---------- Record set

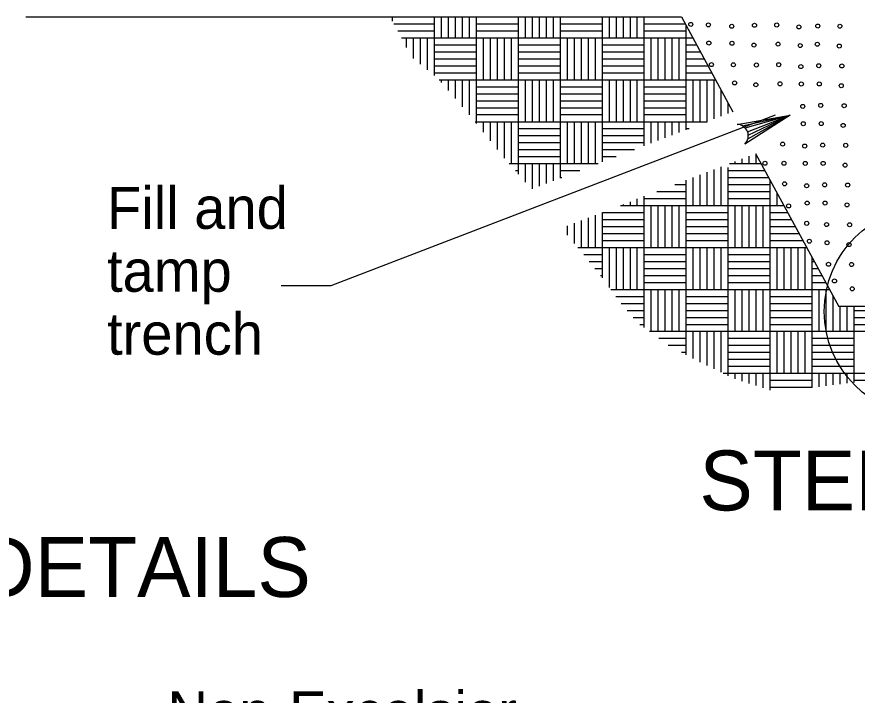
# Model space of a CAD drawing. Extents: x 1083.1 to 1117.1, y 719.4 to 741.4.
# Drawn here: x 1104.489 to 1107.293, y 732.693 to 734.956 of the extents above; entities that cross this region are included whole.
import ezdxf

# ---------------------------------------------------------------- set-up
doc = ezdxf.new("R2010")
doc.units = 0
doc.layers.add('ST_Details', color=7, linetype='Continuous')
doc.layers.add('ST_Text', color=7, linetype='Continuous')

msp = doc.modelspace()

# ---------------------------------------------------------------- linework, layer by layer
at = {"layer": 'ST_Details'}
for p, q in [((1104.5193, 734.9563), (1106.6565, 734.9563)), ((1105.7431, 734.9412), (1105.7431, 734.9563)), ((1105.7431, 734.9563), (1105.883, 734.9563)), ((1105.883, 734.7605), (1105.883, 734.9563)), ((1105.9064, 734.8863), (1105.9064, 734.9563)), ((1105.9297, 734.8863), (1105.9297, 734.9563)), ((1105.953, 734.8863), (1105.953, 734.9563)), ((1105.9764, 734.8863), (1105.9764, 734.9563)), ((1105.9997, 734.8863), (1105.9997, 734.9563)), ((1106.023, 734.6003), (1106.023, 734.9563)), ((1106.023, 734.9563), (1106.163, 734.9563)), ((1106.163, 734.4314), (1106.163, 734.9563)), ((1106.1863, 734.8863), (1106.1863, 734.9563)), ((1106.2095, 734.8863), (1106.2095, 734.9563)), ((1106.2329, 734.8863), (1106.2329, 734.9563)), ((1106.2562, 734.8863), (1106.2562, 734.9563)), ((1106.2795, 734.8863), (1106.2795, 734.9563)), ((1106.3029, 734.9563), (1106.4428, 734.9563)), ((1106.3029, 734.4184), (1106.3029, 734.9563)), ((1106.4428, 734.4721), (1106.4428, 734.9563)), ((1106.4661, 734.8863), (1106.4661, 734.9563)), ((1106.4895, 734.8863), (1106.4895, 734.9563)), ((1106.5128, 734.8863), (1106.5128, 734.9563)), ((1106.5361, 734.8863), (1106.5361, 734.9563)), ((1106.5594, 734.8863), (1106.5594, 734.9563)), ((1106.5827, 734.9563), (1106.7065, 734.9563)), ((1106.5827, 734.5259), (1106.5827, 734.9563)), ((1106.7065, 734.9563), (1106.8785, 734.6394)), ((1105.7475, 734.9329), (1105.883, 734.9329)), ((1106.023, 734.9329), (1106.163, 734.9329)), ((1106.3029, 734.9329), (1106.4428, 734.9329)), ((1106.5827, 734.9329), (1106.7191, 734.9329)), ((1105.76, 734.9096), (1105.883, 734.9096)), ((1106.023, 734.9096), (1106.163, 734.9096)), ((1106.3029, 734.9096), (1106.4428, 734.9096)), ((1106.5827, 734.9096), (1106.7227, 734.9096)), ((1106.7227, 734.5795), (1106.7227, 734.9264)), ((1105.7725, 734.8863), (1106.7444, 734.8863)), ((1105.7898, 734.8542), (1105.7898, 734.8863)), ((1105.8131, 734.8175), (1105.8131, 734.8863)), ((1105.8365, 734.7985), (1105.8365, 734.8863)), ((1105.8597, 734.7795), (1105.8597, 734.8863)), ((1106.0463, 734.7464), (1106.0463, 734.8863)), ((1106.0696, 734.7464), (1106.0696, 734.8863)), ((1106.093, 734.7464), (1106.093, 734.8863)), ((1106.1163, 734.7464), (1106.1163, 734.8863)), ((1106.1396, 734.7464), (1106.1396, 734.8863)), ((1106.3262, 734.7464), (1106.3262, 734.8863)), ((1106.3495, 734.7464), (1106.3495, 734.8863)), ((1106.3728, 734.7464), (1106.3728, 734.8863)), ((1106.3961, 734.7464), (1106.3961, 734.8863)), ((1106.4195, 734.7464), (1106.4195, 734.8863)), ((1106.606, 734.7464), (1106.606, 734.8863)), ((1106.6294, 734.7464), (1106.6294, 734.8863)), ((1106.6527, 734.7464), (1106.6527, 734.8863)), ((1106.676, 734.7464), (1106.676, 734.8863)), ((1106.6994, 734.7464), (1106.6994, 734.8863)), ((1105.883, 734.8629), (1105.953, 734.8629)), ((1105.953, 734.8629), (1106.023, 734.8629)), ((1106.163, 734.8629), (1106.2329, 734.8629)), ((1106.2329, 734.8629), (1106.3029, 734.8629)), ((1106.4428, 734.8629), (1106.5128, 734.8629)), ((1106.5128, 734.8629), (1106.5827, 734.8629)), ((1106.7227, 734.8629), (1106.757, 734.8629)), ((1105.883, 734.8397), (1105.953, 734.8397)), ((1105.883, 734.8164), (1105.953, 734.8164)), ((1105.953, 734.8397), (1106.023, 734.8397)), ((1105.953, 734.8164), (1106.023, 734.8164)), ((1106.163, 734.8397), (1106.2329, 734.8397)), ((1106.163, 734.8164), (1106.2329, 734.8164)), ((1106.2329, 734.8397), (1106.3029, 734.8397)), ((1106.2329, 734.8164), (1106.3029, 734.8164)), ((1106.4428, 734.8397), (1106.5128, 734.8397)), ((1106.4428, 734.8164), (1106.5128, 734.8164)), ((1106.5128, 734.8397), (1106.5827, 734.8397)), ((1106.5128, 734.8164), (1106.5827, 734.8164)), ((1106.7227, 734.8397), (1106.7697, 734.8397)), ((1106.7227, 734.8164), (1106.7824, 734.8164)), ((1105.883, 734.793), (1105.953, 734.793)), ((1105.953, 734.793), (1106.023, 734.793)), ((1106.163, 734.793), (1106.2329, 734.793)), ((1106.2329, 734.793), (1106.3029, 734.793)), ((1106.4428, 734.793), (1106.5128, 734.793)), ((1106.5128, 734.793), (1106.5827, 734.793)), ((1106.7227, 734.793), (1106.7926, 734.793)), ((1106.7926, 734.793), (1106.795, 734.793)), ((1105.883, 734.7697), (1105.953, 734.7697)), ((1105.953, 734.7697), (1106.023, 734.7697)), ((1106.163, 734.7697), (1106.2329, 734.7697)), ((1106.2329, 734.7697), (1106.3029, 734.7697)), ((1106.4428, 734.7697), (1106.5128, 734.7697)), ((1106.5128, 734.7697), (1106.5827, 734.7697)), ((1106.7227, 734.7697), (1106.7926, 734.7697)), ((1106.7926, 734.7697), (1106.8077, 734.7697)), ((1105.8987, 734.7464), (1106.8204, 734.7464)), ((1105.9064, 734.7374), (1105.9064, 734.7464)), ((1105.9297, 734.7104), (1105.9297, 734.7464)), ((1105.953, 734.6834), (1105.953, 734.7464)), ((1105.9764, 734.6764), (1105.9764, 734.7464)), ((1105.9997, 734.6764), (1105.9997, 734.7464)), ((1106.1863, 734.6764), (1106.1863, 734.7464)), ((1106.2095, 734.6764), (1106.2095, 734.7464)), ((1106.2329, 734.6764), (1106.2329, 734.7464)), ((1106.2562, 734.6764), (1106.2562, 734.7464)), ((1106.2795, 734.6764), (1106.2795, 734.7464)), ((1106.4661, 734.6764), (1106.4661, 734.7464)), ((1106.4895, 734.6764), (1106.4895, 734.7464)), ((1106.5128, 734.6764), (1106.5128, 734.7464)), ((1106.5361, 734.6764), (1106.5361, 734.7464)), ((1106.5594, 734.6764), (1106.5594, 734.7464)), ((1106.746, 734.6764), (1106.746, 734.7464)), ((1106.7693, 734.6064), (1106.7693, 734.7464)), ((1106.7926, 734.6064), (1106.7926, 734.7464)), ((1106.816, 734.6154), (1106.816, 734.7464)), ((1106.023, 734.723), (1106.163, 734.723)), ((1106.3029, 734.723), (1106.4428, 734.723)), ((1106.5827, 734.723), (1106.7227, 734.723)), ((1106.8393, 734.6764), (1106.8393, 734.7115)), ((1105.9764, 734.6564), (1105.9764, 734.6764)), ((1105.9997, 734.6292), (1105.9997, 734.6764)), ((1106.023, 734.6998), (1106.163, 734.6998)), ((1106.023, 734.6764), (1106.163, 734.6764)), ((1106.1863, 734.6064), (1106.1863, 734.6764)), ((1106.2095, 734.6064), (1106.2095, 734.6764)), ((1106.2329, 734.6064), (1106.2329, 734.6764)), ((1106.2562, 734.6064), (1106.2562, 734.6764)), ((1106.2795, 734.6064), (1106.2795, 734.6764)), ((1106.3029, 734.6998), (1106.4428, 734.6998)), ((1106.3029, 734.6764), (1106.4428, 734.6764)), ((1106.4661, 734.6064), (1106.4661, 734.6764)), ((1106.4895, 734.6064), (1106.4895, 734.6764)), ((1106.5128, 734.6064), (1106.5128, 734.6764)), ((1106.5361, 734.6064), (1106.5361, 734.6764)), ((1106.5594, 734.6064), (1106.5594, 734.6764)), ((1106.5827, 734.6998), (1106.7227, 734.6998)), ((1106.5827, 734.6764), (1106.7227, 734.6764)), ((1106.746, 734.6064), (1106.746, 734.6764)), ((1106.7693, 734.6624), (1106.7693, 734.6764)), ((1106.7926, 734.668), (1106.7926, 734.6764)), ((1106.816, 734.6724), (1106.816, 734.6764)), ((1106.8393, 734.6244), (1106.8393, 734.6764)), ((1106.023, 734.6531), (1106.163, 734.6531)), ((1106.3029, 734.6531), (1106.4428, 734.6531)), ((1106.5827, 734.6531), (1106.7227, 734.6531)), ((1106.8626, 734.6333), (1106.8626, 734.6686)), ((1106.023, 734.6298), (1106.163, 734.6298)), ((1106.3029, 734.6298), (1106.4428, 734.6298)), ((1106.5827, 734.6298), (1106.7227, 734.6298)), ((1106.9096, 734.5929), (1107.0697, 734.6286)), ((1106.9191, 734.5854), (1107.0697, 734.6286)), ((1106.927, 734.573), (1107.0697, 734.6286)), ((1106.9285, 734.5496), (1107.0697, 734.6286)), ((1106.9295, 734.5619), (1107.0697, 734.6286)), ((1106.018, 734.6064), (1106.7927, 734.6064)), ((1106.0463, 734.5714), (1106.0463, 734.6064)), ((1106.0696, 734.5425), (1106.0696, 734.6064)), ((1106.093, 734.5136), (1106.093, 734.6064)), ((1106.1163, 734.4849), (1106.1163, 734.6064)), ((1106.1396, 734.4665), (1106.1396, 734.6064)), ((1106.3262, 734.4665), (1106.3262, 734.6064)), ((1106.3495, 734.4665), (1106.3495, 734.6064)), ((1106.3728, 734.4665), (1106.3728, 734.6064)), ((1106.3961, 734.4665), (1106.3961, 734.6064)), ((1106.4195, 734.4665), (1106.4195, 734.6064)), ((1106.606, 734.5348), (1106.606, 734.6064)), ((1106.6294, 734.5437), (1106.6294, 734.6064)), ((1106.6527, 734.5527), (1106.6527, 734.6064)), ((1106.676, 734.5616), (1106.676, 734.6064)), ((1106.6994, 734.5706), (1106.6994, 734.6064)), ((1106.163, 734.5831), (1106.2329, 734.5831)), ((1106.2329, 734.5831), (1106.3029, 734.5831)), ((1106.4428, 734.5831), (1106.5128, 734.5831)), ((1106.5128, 734.5831), (1106.5827, 734.5831)), ((1106.7227, 734.5831), (1106.732, 734.5831)), ((1106.163, 734.5599), (1106.2329, 734.5599)), ((1106.163, 734.5365), (1106.2329, 734.5365)), ((1106.2329, 734.5599), (1106.3029, 734.5599)), ((1106.2329, 734.5365), (1106.3029, 734.5365)), ((1106.4428, 734.5599), (1106.5827, 734.5599)), ((1106.4428, 734.5365), (1106.5827, 734.5365)), ((1106.5128, 734.5599), (1106.5172, 734.5599)), ((1106.163, 734.5132), (1106.2329, 734.5132)), ((1106.2329, 734.5132), (1106.3029, 734.5132)), ((1106.4428, 734.5132), (1106.5498, 734.5132)), ((1106.163, 734.4899), (1106.2329, 734.4899)), ((1106.2329, 734.4899), (1106.3029, 734.4899)), ((1106.4428, 734.4899), (1106.4891, 734.4899)), ((1106.9092, 734.4665), (1106.9092, 734.4827)), ((1106.9325, 734.4665), (1106.9325, 734.4917)), ((1106.9541, 734.4999), (1107.2312, 733.9896)), ((1106.9559, 734.4665), (1106.9559, 734.4968)), ((1106.1323, 734.4665), (1106.4284, 734.4665)), ((1106.1863, 734.4048), (1106.1863, 734.4665)), ((1106.2095, 734.3825), (1106.2095, 734.4665)), ((1106.2329, 734.3914), (1106.2329, 734.4665)), ((1106.2562, 734.4004), (1106.2562, 734.4665)), ((1106.2795, 734.4094), (1106.2795, 734.4665)), ((1106.8393, 734.3966), (1106.8393, 734.4559)), ((1106.8626, 733.7589), (1106.8626, 734.4535)), ((1106.8672, 734.4665), (1106.9723, 734.4665)), ((1106.886, 734.4665), (1106.886, 734.4738)), ((1106.1527, 734.4432), (1106.163, 734.4432)), ((1106.3029, 734.4432), (1106.3677, 734.4432)), ((1106.7693, 734.3966), (1106.7693, 734.4289)), ((1106.7926, 734.3966), (1106.7926, 734.4379)), ((1106.816, 734.3966), (1106.816, 734.4469)), ((1106.8626, 734.4432), (1106.985, 734.4432)), ((1106.3029, 734.4199), (1106.307, 734.4199)), ((1106.685, 734.3966), (1106.7227, 734.3966)), ((1106.7227, 733.8284), (1106.7227, 734.411)), ((1106.746, 734.3966), (1106.746, 734.42)), ((1106.746, 734.3266), (1106.746, 734.3966)), ((1106.7693, 734.3266), (1106.7693, 734.3966)), ((1106.7926, 734.3266), (1106.7926, 734.3966)), ((1106.816, 734.3266), (1106.816, 734.3966)), ((1106.8393, 734.3266), (1106.8393, 734.3966)), ((1106.8626, 734.4199), (1106.9976, 734.4199)), ((1106.8626, 734.3966), (1107.0025, 734.3966)), ((1107.0025, 733.7108), (1107.0025, 734.4109)), ((1106.6244, 734.3733), (1106.7227, 734.3733)), ((1106.8626, 734.3733), (1107.0025, 734.3733)), ((1107.0259, 734.3266), (1107.0259, 734.3679)), ((1106.5361, 734.3266), (1106.5361, 734.3394)), ((1106.5594, 734.3266), (1106.5594, 734.3484)), ((1106.5827, 733.9193), (1106.5827, 734.3573)), ((1106.5827, 734.3499), (1106.7227, 734.3499)), ((1106.8626, 734.3499), (1107.0025, 734.3499)), ((1106.5029, 734.3266), (1107.0483, 734.3266)), ((1106.5128, 734.3266), (1106.5128, 734.3304)), ((1106.606, 734.1867), (1106.606, 734.3266)), ((1106.6294, 734.1867), (1106.6294, 734.3266)), ((1106.6527, 734.1867), (1106.6527, 734.3266)), ((1106.676, 734.1867), (1106.676, 734.3266)), ((1106.6994, 734.1867), (1106.6994, 734.3266)), ((1106.886, 734.1867), (1106.886, 734.3266)), ((1106.9092, 734.1867), (1106.9092, 734.3266)), ((1106.9325, 734.1867), (1106.9325, 734.3266)), ((1106.9559, 734.1867), (1106.9559, 734.3266)), ((1106.9792, 734.1867), (1106.9792, 734.3266)), ((1106.3961, 734.1867), (1106.3961, 734.2856)), ((1106.4195, 734.1867), (1106.4195, 734.2946)), ((1106.4428, 734.0852), (1106.4428, 734.3035)), ((1106.4428, 734.3033), (1106.5128, 734.3033)), ((1106.5128, 734.3033), (1106.5827, 734.3033)), ((1106.7227, 734.3033), (1106.7926, 734.3033)), ((1106.7926, 734.3033), (1106.8626, 734.3033)), ((1107.0025, 734.3033), (1107.061, 734.3033)), ((1106.3262, 734.2281), (1106.3262, 734.2588)), ((1106.3495, 734.1998), (1106.3495, 734.2677)), ((1106.3728, 734.1867), (1106.3728, 734.2767)), ((1106.4428, 734.2799), (1106.5128, 734.2799)), ((1106.4428, 734.2567), (1106.5128, 734.2567)), ((1106.5128, 734.2799), (1106.5827, 734.2799)), ((1106.5128, 734.2567), (1106.5827, 734.2567)), ((1106.7227, 734.2799), (1106.7926, 734.2799)), ((1106.7227, 734.2567), (1106.7926, 734.2567)), ((1106.7926, 734.2799), (1106.8626, 734.2799)), ((1106.7926, 734.2567), (1106.8626, 734.2567)), ((1107.0025, 734.2799), (1107.0725, 734.2799)), ((1107.0025, 734.2567), (1107.0725, 734.2567)), ((1107.0725, 734.2799), (1107.0736, 734.2799)), ((1107.0725, 734.2567), (1107.0862, 734.2567)), ((1106.4428, 734.2334), (1106.5128, 734.2334)), ((1106.5128, 734.2334), (1106.5827, 734.2334)), ((1106.7227, 734.2334), (1106.7926, 734.2334)), ((1106.7926, 734.2334), (1106.8626, 734.2334)), ((1107.0025, 734.2334), (1107.0725, 734.2334)), ((1107.0725, 734.2334), (1107.0989, 734.2334)), ((1106.4428, 734.21), (1106.5128, 734.21)), ((1106.5128, 734.21), (1106.5827, 734.21)), ((1106.7227, 734.21), (1106.7926, 734.21)), ((1106.7926, 734.21), (1106.8626, 734.21)), ((1107.0025, 734.21), (1107.0725, 734.21)), ((1107.0725, 734.21), (1107.1115, 734.21)), ((1106.361, 734.1867), (1107.1242, 734.1867)), ((1106.4661, 734.1168), (1106.4661, 734.1867)), ((1106.4895, 734.1168), (1106.4895, 734.1867)), ((1106.5128, 734.1168), (1106.5128, 734.1867)), ((1106.5361, 734.1168), (1106.5361, 734.1867)), ((1106.5594, 734.1168), (1106.5594, 734.1867)), ((1106.746, 734.1168), (1106.746, 734.1867)), ((1106.7693, 734.1168), (1106.7693, 734.1867)), ((1106.7926, 734.1168), (1106.7926, 734.1867)), ((1106.816, 734.1168), (1106.816, 734.1867)), ((1106.8393, 734.1168), (1106.8393, 734.1867)), ((1107.0259, 734.1168), (1107.0259, 734.1867)), ((1107.0492, 734.1168), (1107.0492, 734.1867)), ((1107.0725, 734.1168), (1107.0725, 734.1867)), ((1107.0958, 734.1168), (1107.0958, 734.1867)), ((1107.1191, 734.1168), (1107.1191, 734.1867)), ((1106.3806, 734.1634), (1106.4428, 734.1634)), ((1106.5827, 734.1634), (1106.7227, 734.1634)), ((1106.8626, 734.1634), (1107.0025, 734.1634)), ((1107.1425, 733.7192), (1107.1425, 734.153)), ((1106.3992, 734.14), (1106.4428, 734.14)), ((1106.4179, 734.1168), (1106.4428, 734.1168)), ((1106.4661, 734.0534), (1106.4661, 734.1168)), ((1106.4895, 734.0468), (1106.4895, 734.1168)), ((1106.5128, 734.0468), (1106.5128, 734.1168)), ((1106.5361, 734.0468), (1106.5361, 734.1168)), ((1106.5594, 734.0468), (1106.5594, 734.1168)), ((1106.5827, 734.14), (1106.7227, 734.14)), ((1106.5827, 734.1168), (1106.7227, 734.1168)), ((1106.746, 734.0468), (1106.746, 734.1168)), ((1106.7693, 734.0468), (1106.7693, 734.1168)), ((1106.7926, 734.0468), (1106.7926, 734.1168)), ((1106.816, 734.0468), (1106.816, 734.1168)), ((1106.8393, 734.0468), (1106.8393, 734.1168)), ((1106.8626, 734.14), (1107.0025, 734.14)), ((1106.8626, 734.1168), (1107.0025, 734.1168)), ((1107.0259, 734.0468), (1107.0259, 734.1168)), ((1107.0492, 734.0468), (1107.0492, 734.1168)), ((1107.0725, 734.0468), (1107.0725, 734.1168)), ((1107.0958, 734.0468), (1107.0958, 734.1168)), ((1107.1191, 734.0468), (1107.1191, 734.1168)), ((1107.1425, 734.14), (1107.1495, 734.14)), ((1107.1425, 734.1168), (1107.1622, 734.1168)), ((1106.4365, 734.0934), (1106.4428, 734.0934)), ((1106.5827, 734.0934), (1106.7227, 734.0934)), ((1106.8626, 734.0934), (1107.0025, 734.0934)), ((1107.1425, 734.0934), (1107.1749, 734.0934)), ((1106.5827, 734.0701), (1106.7227, 734.0701)), ((1106.8626, 734.0701), (1107.0025, 734.0701)), ((1107.1425, 734.0701), (1107.1875, 734.0701)), ((1106.471, 734.0468), (1107.2002, 734.0468)), ((1106.606, 733.9069), (1106.606, 734.0468)), ((1106.6294, 733.9069), (1106.6294, 734.0468)), ((1106.6527, 733.9069), (1106.6527, 734.0468)), ((1106.676, 733.9069), (1106.676, 734.0468)), ((1106.6994, 733.9069), (1106.6994, 734.0468)), ((1106.886, 733.9069), (1106.886, 734.0468)), ((1106.9092, 733.9069), (1106.9092, 734.0468)), ((1106.9325, 733.9069), (1106.9325, 734.0468)), ((1106.9559, 733.9069), (1106.9559, 734.0468)), ((1106.9792, 733.9069), (1106.9792, 734.0468)), ((1107.1658, 733.9069), (1107.1658, 734.0468)), ((1107.1891, 733.9069), (1107.1891, 734.0468)), ((1106.488, 734.0234), (1106.5128, 734.0234)), ((1106.5128, 734.0234), (1106.5827, 734.0234)), ((1106.7227, 734.0234), (1106.7926, 734.0234)), ((1106.7926, 734.0234), (1106.8626, 734.0234)), ((1107.0025, 734.0234), (1107.0725, 734.0234)), ((1107.0725, 734.0234), (1107.1425, 734.0234)), ((1107.2125, 733.9069), (1107.2125, 734.0242)), ((1106.5059, 734.0001), (1106.5128, 734.0001)), ((1106.5128, 734.0001), (1106.5827, 734.0001)), ((1106.5256, 733.9769), (1106.5827, 733.9769)), ((1106.7227, 734.0001), (1106.7926, 734.0001)), ((1106.7227, 733.9769), (1106.7926, 733.9769)), ((1106.7926, 734.0001), (1106.8626, 734.0001)), ((1106.7926, 733.9769), (1106.8626, 733.9769)), ((1107.0025, 734.0001), (1107.0725, 734.0001)), ((1107.0025, 733.9769), (1107.0725, 733.9769)), ((1107.0725, 734.0001), (1107.1425, 734.0001)), ((1107.0725, 733.9769), (1107.1425, 733.9769)), ((1107.5895, 733.9896), (1107.2312, 733.9896)), ((1107.2358, 733.9069), (1107.2358, 733.9896)), ((1107.2591, 733.9069), (1107.2591, 733.9896)), ((1107.2824, 733.7364), (1107.2824, 733.9896)), ((1107.2824, 733.9769), (1107.3524, 733.9769)), ((1106.5453, 733.9535), (1106.5827, 733.9535)), ((1106.7227, 733.9535), (1106.7926, 733.9535)), ((1106.7926, 733.9535), (1106.8626, 733.9535)), ((1107.0025, 733.9535), (1107.0725, 733.9535)), ((1107.0725, 733.9535), (1107.1425, 733.9535)), ((1107.2824, 733.9535), (1107.3524, 733.9535)), ((1106.5679, 733.9302), (1106.5827, 733.9302)), ((1106.7227, 733.9302), (1106.7926, 733.9302)), ((1106.7926, 733.9302), (1106.8626, 733.9302)), ((1107.0025, 733.9302), (1107.0725, 733.9302)), ((1107.0725, 733.9302), (1107.1425, 733.9302)), ((1107.2824, 733.9302), (1107.3524, 733.9302)), ((1106.5995, 733.9069), (1107.5895, 733.9069)), ((1106.746, 733.8369), (1106.746, 733.9069)), ((1106.7693, 733.8369), (1106.7693, 733.9069)), ((1106.7926, 733.8369), (1106.7926, 733.9069)), ((1106.816, 733.8369), (1106.816, 733.9069)), ((1106.8393, 733.8369), (1106.8393, 733.9069)), ((1107.0259, 733.8369), (1107.0259, 733.9069)), ((1107.0492, 733.8369), (1107.0492, 733.9069)), ((1107.0725, 733.8369), (1107.0725, 733.9069)), ((1107.0958, 733.8369), (1107.0958, 733.9069)), ((1107.1191, 733.8369), (1107.1191, 733.9069)), ((1106.6311, 733.8835), (1106.7227, 733.8835)), ((1106.8626, 733.8835), (1107.0025, 733.8835)), ((1107.1425, 733.8835), (1107.2824, 733.8835)), ((1106.6628, 733.8602), (1106.7227, 733.8602)), ((1106.7064, 733.8369), (1106.7227, 733.8369)), ((1106.746, 733.8161), (1106.746, 733.8369)), ((1106.7693, 733.8039), (1106.7693, 733.8369)), ((1106.7926, 733.7923), (1106.7926, 733.8369)), ((1106.816, 733.7812), (1106.816, 733.8369)), ((1106.8393, 733.7701), (1106.8393, 733.8369)), ((1106.8626, 733.8602), (1107.0025, 733.8602)), ((1106.8626, 733.8369), (1107.0025, 733.8369)), ((1107.0259, 733.7669), (1107.0259, 733.8369)), ((1107.0492, 733.7669), (1107.0492, 733.8369)), ((1107.0725, 733.7669), (1107.0725, 733.8369)), ((1107.0958, 733.7669), (1107.0958, 733.8369)), ((1107.1191, 733.7669), (1107.1191, 733.8369)), ((1107.1425, 733.8602), (1107.2824, 733.8602)), ((1107.1425, 733.8369), (1107.2824, 733.8369)), ((1106.8626, 733.8136), (1107.0025, 733.8136)), ((1107.1425, 733.8136), (1107.2824, 733.8136)), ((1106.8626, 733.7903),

--------------------

- **Problem description**
Look over the records above, and wherever a line contains the string "linetype", copy that line.

- **Written response**
doc.layers.add('ST_Details', color=7, linetype='Continuous')
doc.layers.add('ST_Text', color=7, linetype='Continuous')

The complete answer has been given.